A baby born with a broken heart, while mom and dad's hearts were breaking.

"The first heart surgery wasn't so good. She coded after that one," says Shauna. "One of the first nurses who I met here looked me straight in the eyes and said, Mom, you take care of yourself. I said, ok! She said, go home, sleep tonight. I did. And I felt perfectly fine doing so because I had the cameras."

She's talking about this: tiny lenses hovering over tiny cribs capturing every move, every moment, live, on a secure feed that mom and dad can access online from the comfort of their own home.

"We had the camera on all night. Every time I would wake up, there's my Sydne," says Shauna. "We would literally watch her until we would come back."

And they're not alone. A quick peek around the NICU and you'll see red lights aglow indicating someone, somewhere is watching, wishing and praying over a little life forced to fight far too soon.

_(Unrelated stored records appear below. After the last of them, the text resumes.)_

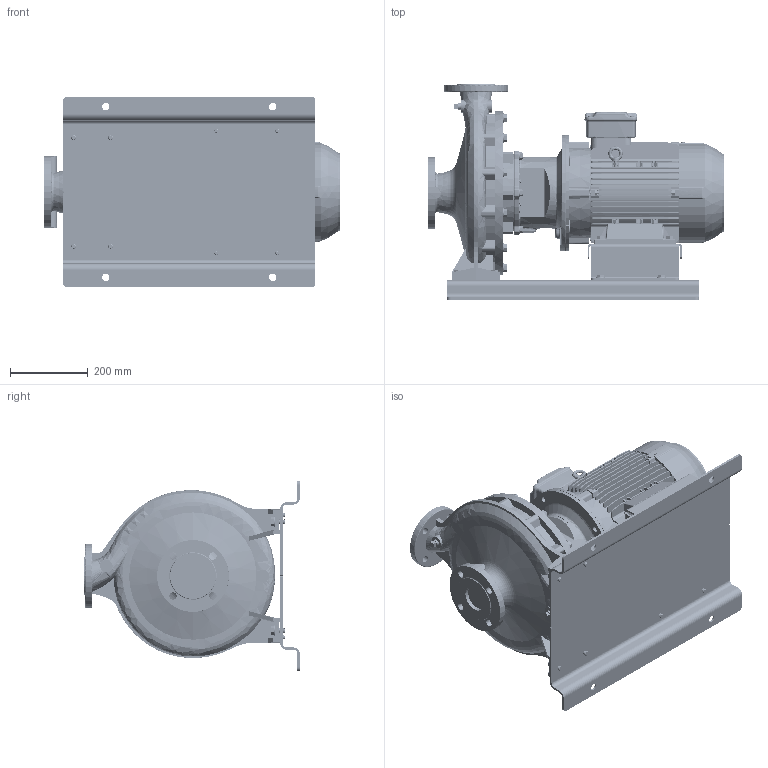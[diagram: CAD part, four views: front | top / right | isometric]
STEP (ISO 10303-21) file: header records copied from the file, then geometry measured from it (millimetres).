
FILE_DESCRIPTION (( 'STEP AP214' ), '1' );
FILE_NAME ('GSD4 50-315_7.5_(132M)_W21_BP.STEP', '2024-08-12T05:57:29', ( '' ), ( '' ), 'SwSTEP 2.0', 'SolidWorks 2019', '' );
FILE_SCHEMA (( 'AUTOMOTIVE_DESIGN' ));
Length unit declared in the file: millimetre
Products named in the file (10): GSD4 50-315_7.5_(132M)_W21_BP; Parametric bolt_SFT-A253B; Parametric Flat Washer_M10; 140_178 x 93 BP - CGSDA-5244; 132M ALIE3_W21T_B35; N5S5 GSDA-558 F1-1832921-00; 50-315-132M_______; Parametric bolt_SFT-A249B; Parametric Flat Washer_M12; Parametric bolt_SFT-A299B
Assembly tree (28 placements, depth 2):
  GSD4 50-315_7.5_(132M)_W21_BP
    50-315-132M_______
    N5S5 GSDA-558 F1-1832921-00
    140_178 x 93 BP - CGSDA-5244
    Parametric bolt_SFT-A253B  x4
    Parametric bolt_SFT-A249B  x4
    Parametric bolt_SFT-A299B  x4
    Parametric Flat Washer_M12  x4
    Parametric Flat Washer_M10  x8
    132M ALIE3_W21T_B35
Bounding box: 764.8 x 555 x 490 mm (x, y, z)
Volume: 39141769.3 mm3; surface area: 3199323.7 mm2
Topology: 38 solids, 38 shells, 5400 faces, 14048 edges, 9045 vertices
Faces by surface type: plane 3087, cylinder 1367, torus 318, bspline 302, cone 294, sphere 32
Entity records: 223372 total; most frequent: CARTESIAN_POINT 67296, ORIENTED_EDGE 25520, DIRECTION 22770, EDGE_CURVE 12760, VERTEX_POINT 8229, LINE 8194, VECTOR 8194, AXIS2_PLACEMENT_3D 7288
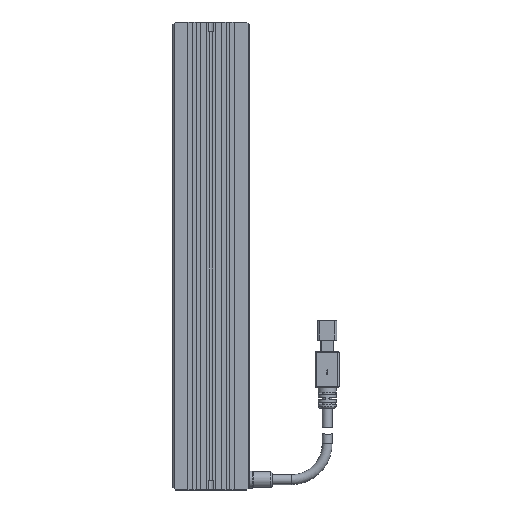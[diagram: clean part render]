
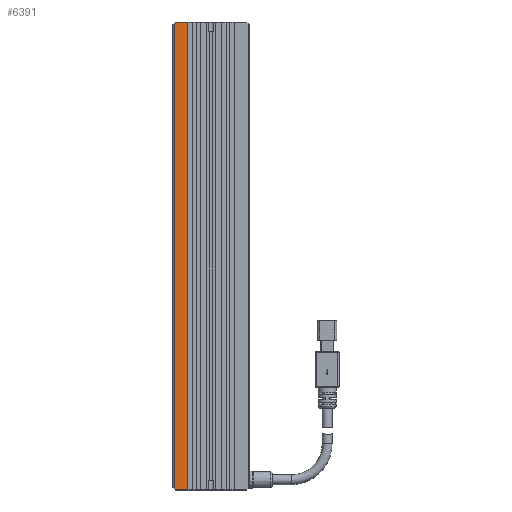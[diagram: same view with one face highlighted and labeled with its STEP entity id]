
A CAD part, top view. The second image highlights one B-rep face of the part: STEP entity #6391.
In plain terms, the highlighted planar face has unit normal (0, 0, 1).
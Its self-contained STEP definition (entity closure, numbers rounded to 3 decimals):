
#5 = LINE ( 'NONE', #9535, #17794 ) ;
#150 = AXIS2_PLACEMENT_3D ( 'NONE', #1062, #1127, #5201 ) ;
#860 = CARTESIAN_POINT ( 'NONE',  ( -15.5, 97.5, 12.5 ) ) ;
#864 = VERTEX_POINT ( 'NONE', #860 ) ;
#1062 = CARTESIAN_POINT ( 'NONE',  ( -15.5, 98., 12.5 ) ) ;
#1127 = DIRECTION ( 'NONE',  ( 0., 0., -1. ) ) ;
#1737 = VECTOR ( 'NONE', #5602, 1000. ) ;
#1770 = LINE ( 'NONE', #8644, #13875 ) ;
#1829 = DIRECTION ( 'NONE',  ( 0.707, -0.707, 0. ) ) ;
#2453 = FACE_OUTER_BOUND ( 'NONE', #17307, .T. ) ;
#3733 = LINE ( 'NONE', #17139, #11654 ) ;
#4320 = DIRECTION ( 'NONE',  ( 0., -1., 0. ) ) ;
#4445 = CARTESIAN_POINT ( 'NONE',  ( -9.7, 98., 12.5 ) ) ;
#4690 = EDGE_CURVE ( 'NONE', #5679, #12587, #16393, .T. ) ;
#4848 = VECTOR ( 'NONE', #13041, 1000. ) ;
#5201 = DIRECTION ( 'NONE',  ( -1., 0., 0. ) ) ;
#5602 = DIRECTION ( 'NONE',  ( 1., 0., 0. ) ) ;
#5679 = VERTEX_POINT ( 'NONE', #16556 ) ;
#6117 = ORIENTED_EDGE ( 'NONE', *, *, #10127, .F. ) ;
#6186 = LINE ( 'NONE', #17505, #4848 ) ;
#6383 = VERTEX_POINT ( 'NONE', #10913 ) ;
#6391 = ADVANCED_FACE ( 'NONE', ( #2453 ), #12266, .F. ) ;
#8037 = CARTESIAN_POINT ( 'NONE',  ( -9.7, -98., 12.5 ) ) ;
#8644 = CARTESIAN_POINT ( 'NONE',  ( -15.5, 98., 12.5 ) ) ;
#8675 = DIRECTION ( 'NONE',  ( -0.707, -0.707, 0. ) ) ;
#9011 = CARTESIAN_POINT ( 'NONE',  ( -16., -97., 12.5 ) ) ;
#9014 = VERTEX_POINT ( 'NONE', #8037 ) ;
#9485 = ORIENTED_EDGE ( 'NONE', *, *, #12443, .F. ) ;
#9535 = CARTESIAN_POINT ( 'NONE',  ( -9.7, 98., 12.5 ) ) ;
#9648 = LINE ( 'NONE', #11190, #1737 ) ;
#10127 = EDGE_CURVE ( 'NONE', #14449, #9014, #5, .T. ) ;
#10913 = CARTESIAN_POINT ( 'NONE',  ( -15., 98., 12.5 ) ) ;
#11014 = ORIENTED_EDGE ( 'NONE', *, *, #16403, .T. ) ;
#11190 = CARTESIAN_POINT ( 'NONE',  ( -15.5, -98., 12.5 ) ) ;
#11654 = VECTOR ( 'NONE', #8675, 1000. ) ;
#11672 = ORIENTED_EDGE ( 'NONE', *, *, #4690, .T. ) ;
#12266 = PLANE ( 'NONE',  #150 ) ;
#12289 = ORIENTED_EDGE ( 'NONE', *, *, #13542, .T. ) ;
#12443 = EDGE_CURVE ( 'NONE', #6383, #14449, #6186, .T. ) ;
#12587 = VERTEX_POINT ( 'NONE', #13099 ) ;
#13041 = DIRECTION ( 'NONE',  ( 1., 0., 0. ) ) ;
#13099 = CARTESIAN_POINT ( 'NONE',  ( -15., -98., 12.5 ) ) ;
#13542 = EDGE_CURVE ( 'NONE', #12587, #9014, #9648, .T. ) ;
#13875 = VECTOR ( 'NONE', #4320, 1000. ) ;
#13913 = DIRECTION ( 'NONE',  ( 0., -1., 0. ) ) ;
#14383 = EDGE_CURVE ( 'NONE', #864, #5679, #1770, .T. ) ;
#14449 = VERTEX_POINT ( 'NONE', #4445 ) ;
#16393 = LINE ( 'NONE', #9011, #17486 ) ;
#16403 = EDGE_CURVE ( 'NONE', #6383, #864, #3733, .T. ) ;
#16556 = CARTESIAN_POINT ( 'NONE',  ( -15.5, -97.5, 12.5 ) ) ;
#17139 = CARTESIAN_POINT ( 'NONE',  ( -15., 98., 12.5 ) ) ;
#17307 = EDGE_LOOP ( 'NONE', ( #9485, #11014, #17669, #11672, #12289, #6117 ) ) ;
#17486 = VECTOR ( 'NONE', #1829, 1000. ) ;
#17505 = CARTESIAN_POINT ( 'NONE',  ( -15.5, 98., 12.5 ) ) ;
#17669 = ORIENTED_EDGE ( 'NONE', *, *, #14383, .T. ) ;
#17794 = VECTOR ( 'NONE', #13913, 1000. ) ;

"Whenever I would decide to leave, and not until late, I would go on the camera and see her crying," says Shauna. "Within a few minutes someone's already in there picking her up, rocking her."

It's overwhelming comfort at a hospital that's designed to calm every mother's insurmountable worry.  

Shauna says the nurses and staff will ask, "How's she doing? How big is she? It's a family. You're a family here."

Sydney is doing well. She'll have to have another surgery in a few months and, then, again when she's about 4 years old.